How Barr Hill Distillery is Trying to Make the World a Better Place

Distiller Ryan Christiansen

Distiller Ryan Christiansen

When Barr Hill head distiller Ryan Christiansen met beekeeper Todd Hardie back in 2011, Todd was making wines from fruit and honey, and Ryan was a fermentation enthusiast who owned a nearby homebrew store. They decided to work together to experiment using raw honey in distillation. Since honey is heavy and sticky, it can be a challenge to distill with, but the pair felt that the botanical complexity, depth, and balance that honey can lend to craft spirits would make the endeavor well worth it and to proving their point, today Barr Hill is an eco-friendly distillery that produces spirits using raw honey in Montpelier, Vermont.

 

Protecting the Bees

Barr Hill Gin with bees

Vermont beekeeping photo credit Joey Jones

Naturally, since bees are responsible for creating an important raw material for the distillery, the Barr Hill team is passionate about protecting them. For several years, they have been celebrating Bee’s Knees Week: an initiative focused on saving bees and highlighting the cocktail by the same name. “During the week, thousands of bars and restaurants around the country offer a Bee’s Knees,” explains Sam Nelis, Barr Hill’s Landcrafted Educator. “People are encouraged to enjoy a Bee’s Knees cocktail at their favorite bars or restaurants, or they can make one at home, and share a photo of it on social media with the hashtag #beeskneesweek and tagging us at @barrhillgin.” Then, Barr Hill partners with one of several non-profit organizations located throughout the U.S. to plant 10 square feet of pollinator habitat, for each image posted. In the last three years alone, Barr Hill has created over half a million square feet of new pollinator habitat.

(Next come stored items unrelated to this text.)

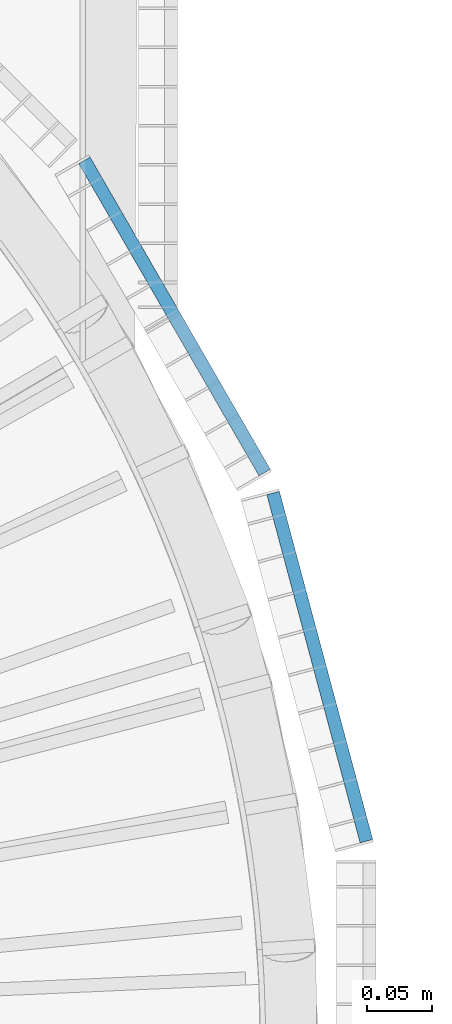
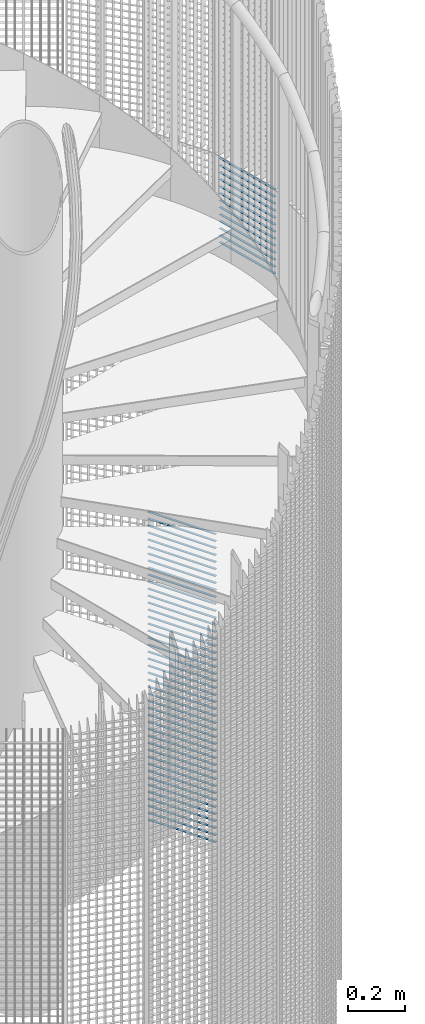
# One storey, part 310 of 1183: 58 beams, 2 elements without a shape of their own.
"""IFC2X3 building model written with IfcOpenShell, lengths in millimetres."""

from ifc_helpers import new_model, si_unit, frame, origin_with_axes, origin_2d_with_axis, place, context, subcontext, project, spatial, rectangle, extrude, material, type_object, element, aggregate, save


model = new_model("IFC2X3")

# Units and contexts
model_context = context("Model", 3, precision=1e-05, world=origin_with_axes())
body_context = subcontext(model_context, "Body", "Model", "MODEL_VIEW")
ifc_project = project(units=[si_unit("LENGTHUNIT", "METRE", prefix="MILLI"), si_unit("AREAUNIT", "SQUARE_METRE"), si_unit("VOLUMEUNIT", "CUBIC_METRE"), si_unit("MASSUNIT", "GRAM", prefix="KILO"), si_unit("TIMEUNIT", "SECOND"), si_unit("PLANEANGLEUNIT", "RADIAN"), si_unit("SOLIDANGLEUNIT", "STERADIAN"), si_unit("THERMODYNAMICTEMPERATUREUNIT", "DEGREE_CELSIUS"), si_unit("LUMINOUSINTENSITYUNIT", "LUMEN")], contexts=[model_context])

# Site, building, storey
site_placement = place(None, origin_with_axes())
site = spatial("IfcSite", under=ifc_project, at=site_placement, Name="Undefined", CompositionType="ELEMENT")
building_placement = place(site_placement, origin_with_axes())
building = spatial("IfcBuilding", under=site, at=building_placement, Name="Undefined", CompositionType="ELEMENT")
storey_placement = place(building_placement, origin_with_axes())
storey = spatial("IfcBuildingStorey", under=building, at=storey_placement, Name="Undefined", CompositionType="ELEMENT", Elevation=0.0)

# Assembly, beams
assembly_1_placement = place(storey_placement, origin_with_axes())
assembly_1 = element("IfcElementAssembly", 1, at=assembly_1_placement, inside=storey, Name="BORDURE", AssemblyPlace="NOTDEFINED", PredefinedType="NOTDEFINED")
ifc_material = material(Name="STEEL/S235JR")
beam_type = type_object("IfcBeamType", Name="PL2*10", PredefinedType="NOTDEFINED")
beam_1_placement = place(assembly_1_placement, frame((1033.29996828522, 437.231955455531, 1350.0), z_axis=(0.866025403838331, 0.499999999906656, 0.0), x_axis=(-0.49999999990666, 0.866025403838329, 0.0)))
beam_1 = element("IfcBeam", 2, at=beam_1_placement, type_object=beam_type, material=ifc_material, Name="ENTRETOISE", context=body_context, shape_type="SweptSolid", body=[
    extrude(rectangle(XDim=2.0, YDim=10.0, at=origin_2d_with_axis()), frame((275.999999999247, 9.09494701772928e-13, 1.53210777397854e-14), z_axis=(-1.0, 0.0, 0.0), x_axis=(0.0, -1.0, 0.0)), (0.0, 0.0, 1.0), 276.0),
])
beam_2_placement = place(assembly_1_placement, frame((1033.29996828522, 437.231955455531, 1320.0), z_axis=(0.866025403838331, 0.499999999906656, 0.0), x_axis=(-0.49999999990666, 0.866025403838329, 0.0)))
beam_2 = element("IfcBeam", 3, at=beam_2_placement, type_object=beam_type, material=ifc_material, Name="ENTRETOISE", context=body_context, shape_type="SweptSolid", body=[
    extrude(rectangle(XDim=2.0, YDim=10.0, at=origin_2d_with_axis()), frame((275.999999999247, 9.09494701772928e-13, 1.53210777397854e-14), z_axis=(-1.0, 0.0, 0.0), x_axis=(0.0, -1.0, 0.0)), (0.0, 0.0, 1.0), 276.0),
])
beam_3_placement = place(assembly_1_placement, frame((1033.29996828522, 437.231955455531, 1290.0), z_axis=(0.866025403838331, 0.499999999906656, 0.0), x_axis=(-0.49999999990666, 0.866025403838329, 0.0)))
beam_3 = element("IfcBeam", 4, at=beam_3_placement, type_object=beam_type, material=ifc_material, Name="ENTRETOISE", context=body_context, shape_type="SweptSolid", body=[
    extrude(rectangle(XDim=2.0, YDim=10.0, at=origin_2d_with_axis()), frame((275.999999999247, 9.09494701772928e-13, 1.53210777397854e-14), z_axis=(-1.0, 0.0, 0.0), x_axis=(0.0, -1.0, 0.0)), (0.0, 0.0, 1.0), 276.0),
])
beam_4_placement = place(assembly_1_placement, frame((1033.29996828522, 437.231955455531, 1260.0), z_axis=(0.866025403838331, 0.499999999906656, 0.0), x_axis=(-0.49999999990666, 0.866025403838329, 0.0)))
beam_4 = element("IfcBeam", 5, at=beam_4_placement, type_object=beam_type, material=ifc_material, Name="ENTRETOISE", context=body_context, shape_type="SweptSolid", body=[
    extrude(rectangle(XDim=2.0, YDim=10.0, at=origin_2d_with_axis()), frame((275.999999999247, 9.09494701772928e-13, 1.53210777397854e-14), z_axis=(-1.0, 0.0, 0.0), x_axis=(0.0, -1.0, 0.0)), (0.0, 0.0, 1.0), 276.0),
])
beam_5_placement = place(assembly_1_placement, frame((1033.29996828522, 437.231955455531, 1230.0), z_axis=(0.866025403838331, 0.499999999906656, 0.0), x_axis=(-0.49999999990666, 0.866025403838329, 0.0)))
beam_5 = element("IfcBeam", 6, at=beam_5_placement, type_object=beam_type, material=ifc_material, Name="ENTRETOISE", context=body_context, shape_type="SweptSolid", body=[
    extrude(rectangle(XDim=2.0, YDim=10.0, at=origin_2d_with_axis()), frame((275.999999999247, 9.09494701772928e-13, 1.53210777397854e-14), z_axis=(-1.0, 0.0, 0.0), x_axis=(0.0, -1.0, 0.0)), (0.0, 0.0, 1.0), 276.0),
])
beam_6_placement = place(assembly_1_placement, frame((1033.29996828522, 437.231955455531, 1200.0), z_axis=(0.866025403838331, 0.499999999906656, 0.0), x_axis=(-0.49999999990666, 0.866025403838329, 0.0)))
beam_6 = element("IfcBeam", 7, at=beam_6_placement, type_object=beam_type, material=ifc_material, Name="ENTRETOISE", context=body_context, shape_type="SweptSolid", body=[
    extrude(rectangle(XDim=2.0, YDim=10.0, at=origin_2d_with_axis()), frame((275.999999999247, 9.09494701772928e-13, 1.53210777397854e-14), z_axis=(-1.0, 0.0, 0.0), x_axis=(0.0, -1.0, 0.0)), (0.0, 0.0, 1.0), 276.0),
])
beam_7_placement = place(assembly_1_placement, frame((1033.29996828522, 437.231955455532, 1170.0), z_axis=(0.866025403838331, 0.499999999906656, 0.0), x_axis=(-0.49999999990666, 0.866025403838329, 0.0)))
beam_7 = element("IfcBeam", 8, at=beam_7_placement, type_object=beam_type, material=ifc_material, Name="ENTRETOISE", context=body_context, shape_type="SweptSolid", body=[
    extrude(rectangle(XDim=2.0, YDim=10.0, at=origin_2d_with_axis()), frame((275.999999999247, 9.09494701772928e-13, 1.53210777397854e-14), z_axis=(-1.0, 0.0, 0.0), x_axis=(0.0, -1.0, 0.0)), (0.0, 0.0, 1.0), 276.0),
])
beam_8_placement = place(assembly_1_placement, frame((1033.29996828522, 437.231955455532, 1140.0), z_axis=(0.866025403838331, 0.499999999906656, 0.0), x_axis=(-0.49999999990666, 0.866025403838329, 0.0)))
beam_8 = element("IfcBeam", 9, at=beam_8_placement, type_object=beam_type, material=ifc_material, Name="ENTRETOISE", context=body_context, shape_type="SweptSolid", body=[
    extrude(rectangle(XDim=2.0, YDim=10.0, at=origin_2d_with_axis()), frame((275.999999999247, 9.09494701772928e-13, 1.53210777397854e-14), z_axis=(-1.0, 0.0, 0.0), x_axis=(0.0, -1.0, 0.0)), (0.0, 0.0, 1.0), 276.0),
])
beam_9_placement = place(assembly_1_placement, frame((1033.29996828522, 437.231955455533, 719.999999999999), z_axis=(0.866025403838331, 0.499999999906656, 0.0), x_axis=(-0.49999999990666, 0.866025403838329, 0.0)))
beam_9 = element("IfcBeam", 10, at=beam_9_placement, type_object=beam_type, material=ifc_material, Name="ENTRETOISE", context=body_context, shape_type="SweptSolid", body=[
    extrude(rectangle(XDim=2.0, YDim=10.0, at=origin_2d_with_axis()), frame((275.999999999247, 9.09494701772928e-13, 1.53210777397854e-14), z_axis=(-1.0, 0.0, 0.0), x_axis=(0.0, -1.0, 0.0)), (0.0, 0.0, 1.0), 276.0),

The planting is a multi-step process that takes a couple years. “First they have to till and prep the soil, then cover crop it for the first season,” Sam explains. It can take between two and three years to see the full benefits, but in the habitats that have had time to mature, the team has seen upwards of a 10x increase in pollinator activities. “Not just bees, but all native pollinators which are essential to biodiversity and ecological health.”

 
Barr Hill gins and vodka

Barr Hill gins and vodka

Crafting award winning spirits

Barr Hill currently produces three spirits – Barr Hill GinBarr Hill Reserve Tom Cat Gin, and Barr Hill Vodka. The vodka, which won a gold medal in this year’s New York International Spirits Competition, is distilled entirely from honey, and it takes about four pounds to make every bottle. It is distilled just twice and undergoes minimal filtration. The gins are finished with a touch of raw honey. “Leaving the honey raw before bottling captures the full flavor of the countless botanicals foraged by the bees along their pollination journey,” Sam says. “It adds a full-bodied mouthfeel and provides a beautiful balance and harmony to the dry, resinous juniper which turns some people away from gin.” Still, the juniper is bold enough to please those who prefer the London-dry styles.

 

Built on sustainability

Mixing a cocktail with Barr Hill gin

Mixing a cocktail photo credit Joey Jones

In 2019, the Barr Hill team moved into a new home. “Designing and building our new distillery from the ground up allowed us to implement sustainability into every facet of our operation,” Sam says. They installed solar panels and use a thermal banking system to repurpose hot water from the distillation process. Plus, distillery waste is transformed into a biofuel that can generate yet more energy. “Raw waste from the distillery and bar are composted at a local farm and we send spent stillage to a nearby biodigester which converts it into renewable methane to power our town,” says Sam.

At the core of Barr Hill’s mission is to use the still as a tool to reconnect cocktail culture to agriculture. “Transparency and paying a fair price for raw ingredients for distillation from responsible farmers lifts up our hardworking landscape and helps break harmful cycles of monoculture and intense pesticide use found in the majority of raw ingredients in the spirits industry,” Sam says. “It’s not enough to try to minimize our environmental impact, we must seek to leave the landscape, the rivers and forests, better than we’ve inherited them.”